常に自分がアイカの傍にいて守ってやれるわけじゃない。アイカが騎士団に入っている限りこの不安が消え去ることはなく、きっと心配で自分の方がもたないだろう。
「アイカ、その…」
「わたしね、とても楽しいわ。毎日休憩する時間もないくらい忙しくて、でも毎日初めて知ることばかりで、美味しいお店を騎士団のみんなが教えてくれたり、はじめての道を歩いてみたり。こんなこと、池にずっといたら知らなかったわ」
危険だからもう騎士はやめよう、安全な自分の屋敷に戻ろうと言いかけて、アイカの話に遮られる。ココを撫でながらしみじみと話す様子は騎士団に入ってからの日々を思い返しているのかもしれない。

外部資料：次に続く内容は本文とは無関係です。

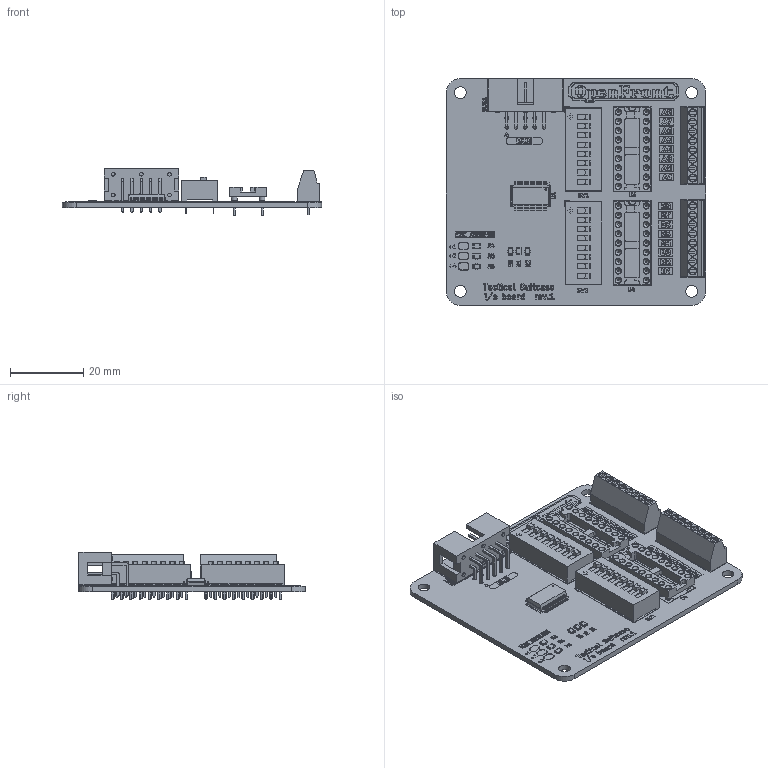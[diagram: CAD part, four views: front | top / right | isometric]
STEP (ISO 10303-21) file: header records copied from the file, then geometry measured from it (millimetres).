
FILE_DESCRIPTION(('KiCad electronic assembly'),'2;1');
FILE_NAME('moduleboard.step','2026-02-03T15:20:26',('Pcbnew'),('Kicad'), 'Open CASCADE STEP processor 7.8','KiCad to STEP converter','Unknown' );
FILE_SCHEMA(('AUTOMOTIVE_DESIGN { 1 0 10303 214 1 1 1 1 }'));
Length unit declared in the file: millimetre
Products named in the file (9): moduleboard 1; SW_DIP_SPSTx08_Slide_9.78x22.5mm_W7.62mm_P2.54mm; R_0805_2012Metric; DIP-18_W7.62mm_Socket; TerminalBlock_Phoenix_MPT-0,5-8-2.54_1x08_P2.54mm_Horizontal; IDC-Header_2x05_P2.54mm_Horizontal; SSOP-28_5.3x10.2mm_P0.65mm; moduleboard_layout_silkscreen; moduleboard_layout_PCB
Assembly tree (16 placements, depth 2):
  moduleboard 1
    SW_DIP_SPSTx08_Slide_9.78x22.5mm_W7.62mm_P2.54mm  x2
    R_0805_2012Metric  x6
    DIP-18_W7.62mm_Socket  x2
    TerminalBlock_Phoenix_MPT-0,5-8-2.54_1x08_P2.54mm_Horizontal  x2
    IDC-Header_2x05_P2.54mm_Horizontal
    SSOP-28_5.3x10.2mm_P0.65mm
    moduleboard_layout_silkscreen
    moduleboard_layout_PCB
Bounding box: 70.87 x 61.98 x 12.88 mm (x, y, z)
Volume: 12262.9 mm3; surface area: 18670.5 mm2
Topology: 15 solids, 198 shells, 2729 faces, 10663 edges, 8460 vertices
Faces by surface type: plane 1991, cylinder 514, bspline 116, cone 108
Full cylindrical faces by diameter (mm): 0.5 x1, 0.508 x72, 0.8 x68, 1 x16, 1.1 x16, 1.524 x36, 1.724 x36, 2 x16, 2.2 x16, 3.2 x4
Entity records: 99214 total; most frequent: CARTESIAN_POINT 17784, DIRECTION 13425, ORIENTED_EDGE 12542, EDGE_CURVE 8543, VERTEX_POINT 7096, LINE 7023, VECTOR 7023, AXIS2_PLACEMENT_3D 3201

だが、まさかアイカが騎士団での生活を楽しいというのはギルバートにとって予想外だった。
報告では毎日倉庫の中で荷の確認をして、リストどおりに分配し、配達するだけの日々で、恐らくアイカが想像していただろう剣を振るような機会はなく、そろそろ現実の騎士団に飽きはじめたのではないかとこっそり期待していたのに。
まぁ、確かに池の中にいるだけじゃあ街を歩いたり、食べ物を買って食べたりはできないだろうな
生まれたばかりのアイカにとって王都アルバの街は見る物全てが目新しく、好奇心をかき立てられることだろう。
「ああ、そうだな……しかし、」
「ありがとうギルバート、私を騎士団に入れてくれて。私もっとみんなの役に立てるようお仕事がんばるわ」
「え?あ、俺も影ながら応援しているよ……」
真っ直ぐに自分を見て騎士団に入れてくれたことに礼を言うアイカに、危険だから騎士団はもうやめるべきだと言うタイミングを逃してしまう。
そして背後からギルバートの後を追ってやってきたらしいグレンの視線がとても痛かった。